Severity note that raises the stakes for this issue: unlike the #489 SHOW cases (defense-in-depth — Arc DBs are virtual, so a missed SHOW returns an empty catalog, not tenant data), miss #1 and miss #3 were live cross-tenant data reads, reproduced end-to-end: a token scoped to attackerdb:read read another database's secret rows via parquet_scan(...) and via "parquet_scan"(...). This gate sits directly on tenant data, so its tokenizer divergences are exploitable, not just theoretical. The "no known live bypass" framing in the issue body is now outdated for the I/O-gate specifically.

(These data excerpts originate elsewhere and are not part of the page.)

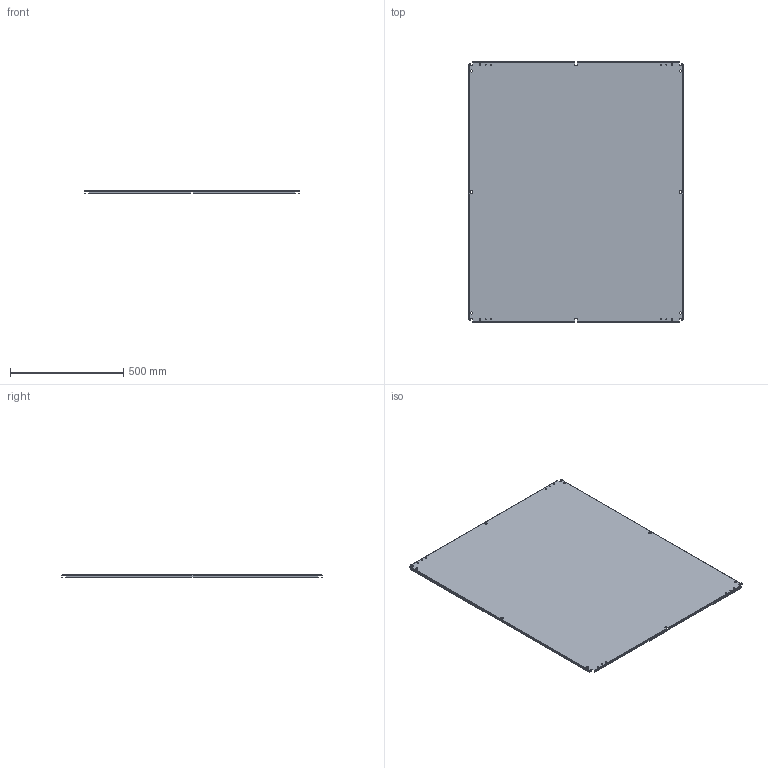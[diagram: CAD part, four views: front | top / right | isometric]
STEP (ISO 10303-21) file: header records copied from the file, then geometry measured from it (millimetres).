
FILE_DESCRIPTION (( 'STEP AP203' ), '1' );
FILE_NAME ('ECPA120100.STEP', '2020-04-09T08:17:11', ( '' ), ( '' ), 'SwSTEP 2.0', 'SolidWorks 2019', '' );
FILE_SCHEMA (( 'CONFIG_CONTROL_DESIGN' ));
Length unit declared in the file: millimetre
Products named in the file (1): ECPA120100
Bounding box: 950 x 1150 x 9.8 mm (x, y, z)
Volume: 2564922.9 mm3; surface area: 2241384 mm2
Topology: 1 solids, 1 shells, 118 faces, 320 edges, 204 vertices
Faces by surface type: plane 60, cylinder 58
Entity records: 3869 total; most frequent: DIRECTION 678, CARTESIAN_POINT 643, ORIENTED_EDGE 640, EDGE_CURVE 320, AXIS2_PLACEMENT_3D 239, VERTEX_POINT 204, VECTOR 200, LINE 200

#495 fixed all three at the regex layer (whole-string name denylist + a dedicated quote-stripping normalisation ioDenylistNormalise that exposes quoted identifiers while still masking string literals). That is another point-patch, not the durable fix — it reinforces this issue rather than closing it. Acceptance criterion 1 (single centrally-produced normalised representation) is directly relevant: misses #2 and #3 were both "this gate re-derived/reused the wrong normalisation." A real lexer that distinguishes identifier-quoting from string-quoting and tracks FROM-clause position would have made all three structurally impossible.